2-5. Measurement of β-defensin concentration-specific mRNA expression level in tissues (1) Evaluation method After 3 weeks of administration of Lactobacillus helveticus SBT2171 or trehalose aqueous solution, and before oral inoculation with Porphyromonas gingivalis bacteria, mice of both test groups were Gingival tissues were collected from the cells, and total RNA was extracted from the cells using the RNeasy Mini Kit (Qiagen). The concentration of the extracted total RNA was measured using NanoDrop2000 (Thermo Fisher Scientific).
cDNA was synthesized from the extracted total RNA solution using ReverTra Ace qPCR RT Master Mix with gDNA Remover (Toyobo). TaKaRa PCR Thermal Cycler Dice (registered trademark) Gradient (Takara Bio) was used for the reverse transcription reaction. The obtained reverse transcription reaction solution was used as template cDNA for real-time PCR.
For real-time PCR, TaqMan® Fast Advanced Master Mix (Life Technologies, Cat #4444556) and TaqManGene Expression Assay (Defb4: Mm00731768_m1, Defb14: Mm00806979_m1, Gapdh: Mm99999915_g1) (Life Technologies) were used. A 384-well plate (Life Technologies, Cat#4309849) was used for the reaction, and ViiA ^™ 7 (Life Technologies) was used. Gene expression was evaluated as the relative expression level to test group A by the ΔΔCt method.
The results of measuring β-defensin (Defb4, Defb14)-specific mRNA expression levels in tissues are shown in FIG.
(2) Evaluation results Test group B had higher expression of β-defensin than test group A, so administration of Lactobacillus helveticus SBT2171 significantly promoted β-defensin production, resulting in periodontal infection. It can be seen that the symptoms have been suppressed.

(Example of combination in food)
To 100 mg of Lactobacillus helveticus SBT2171 cells were added and mixed 30 g of skim milk powder, 40 g of a mixture of equal amounts of vitamin C and citric acid, 100 g of granulated sugar, and 60 g of a mixture of equal amounts of cornstarch and lactose. The mixture was packed into a stick-shaped bag to produce a stick-shaped health food for preventing periodontal disease of the present invention.

(Example of blending into feed)
Suspend 20 g of Lactobacillus helveticus SBT2171 cells in 3980 g of deionized water, heat to 40°C, and stir and mix at 3,600 rpm for 20 minutes using a TK homomixer (MARK II 160 model; manufactured by Tokushu Kika Kogyo Co., Ltd.). A 2 g/4 kg bacterial cell solution was obtained. To 2 kg of this bacterial cell solution, 1 kg of soybean meal, 1 kg of skim milk powder, 0.4 kg of soybean oil, 0.2 kg of corn oil, 2.3 kg of palm oil, 1 kg of corn starch, 0.9 kg of wheat flour, 0.2 kg of bran, and 0.0 kg of vitamin mixture. 5kg, cellulose 0.3kg, mineral mixture 0.2
kg was blended and heat sterilized at 120° C. for 4 minutes to produce 10 kg of the periodontal disease preventive feed of the present invention.

(Example of combination in pharmaceuticals)
A liquid culture of Lactobacillus helveticus SBT2171 was centrifuged at 4° C. and 7,000 rpm for 15 minutes, and washing with sterile water and centrifugation were repeated three times to obtain washed bacterial cells.
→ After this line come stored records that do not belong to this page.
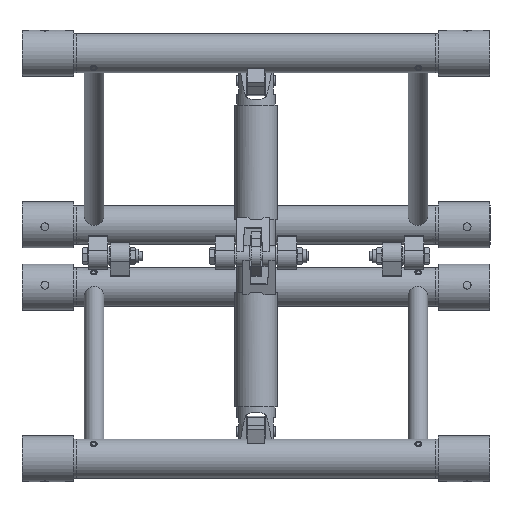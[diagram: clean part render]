
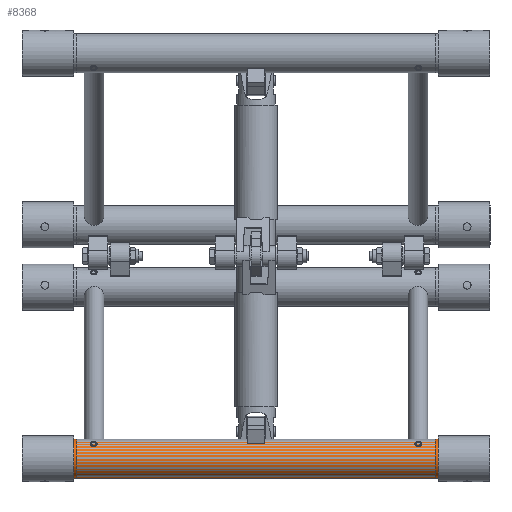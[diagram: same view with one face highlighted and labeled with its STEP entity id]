
A CAD part, front view. The second image highlights one B-rep face of the part: STEP entity #8368.
In plain terms, the highlighted cylindrical face has radius 25 mm (diameter 50 mm), a full revolution.
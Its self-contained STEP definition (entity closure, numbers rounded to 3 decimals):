
#1841=FACE_BOUND('',#3021,.T.);
#2323=FACE_OUTER_BOUND('',#3020,.T.);
#3020=EDGE_LOOP('',(#7271));
#3021=EDGE_LOOP('',(#7272));
#3340=CIRCLE('',#9238,25.);
#3341=CIRCLE('',#9239,25.);
#4096=VERTEX_POINT('',#15553);
#4097=VERTEX_POINT('',#15555);
#5157=EDGE_CURVE('',#4096,#4096,#3340,.T.);
#5158=EDGE_CURVE('',#4097,#4097,#3341,.T.);
#7271=ORIENTED_EDGE('',*,*,#5157,.F.);
#7272=ORIENTED_EDGE('',*,*,#5158,.F.);
#7402=CYLINDRICAL_SURFACE('',#9237,25.);
#8368=ADVANCED_FACE('',(#2323,#1841),#7402,.F.);
#9237=AXIS2_PLACEMENT_3D('',#15552,#11444,#11445);
#9238=AXIS2_PLACEMENT_3D('',#15554,#11446,#11447);
#9239=AXIS2_PLACEMENT_3D('',#15556,#11448,#11449);
#11444=DIRECTION('center_axis',(1.,0.,0.));
#11445=DIRECTION('ref_axis',(0.,0.906,0.424));
#11446=DIRECTION('center_axis',(-1.,0.,0.));
#11447=DIRECTION('ref_axis',(0.,0.906,0.424));
#11448=DIRECTION('center_axis',(1.,0.,0.));
#11449=DIRECTION('ref_axis',(0.,0.906,0.424));
#15552=CARTESIAN_POINT('Origin',(0.,0.,
-260.));
#15553=CARTESIAN_POINT('',(600.,22.642,-249.401));
#15554=CARTESIAN_POINT('Origin',(600.,0.,-260.));
#15555=CARTESIAN_POINT('',(0.,22.642,-249.401));
#15556=CARTESIAN_POINT('Origin',(0.,0.,
-260.));

The washed bacterial cells were freeze-dried to obtain bacterial powder. 1 part of this bacterial powder was mixed with 4 parts of skim milk powder, and the mixed powder was compressed into 1 g portions using a tablet machine in a conventional manner to prepare a tablet for preventing periodontal disease of the present invention.

By ingesting a material containing Lactobacillus helveticus SBT2171 as an active ingredient, it can be expected to have a preventive effect on periodontal disease.

Claims (4)

A composition for promoting β-defensin production containing Lactobacillus helveticus SBT2171 (FERM BP-5445) as an active ingredient. A food or drink product for promoting β-defensin production, comprising the composition for promoting β-defensin production according to claim 1. A β-defensin production promoter comprising the composition for promoting β-defensin production according to claim 1. A feed for promoting β-defensin production, comprising the composition for promoting β-defensin production according to claim 1.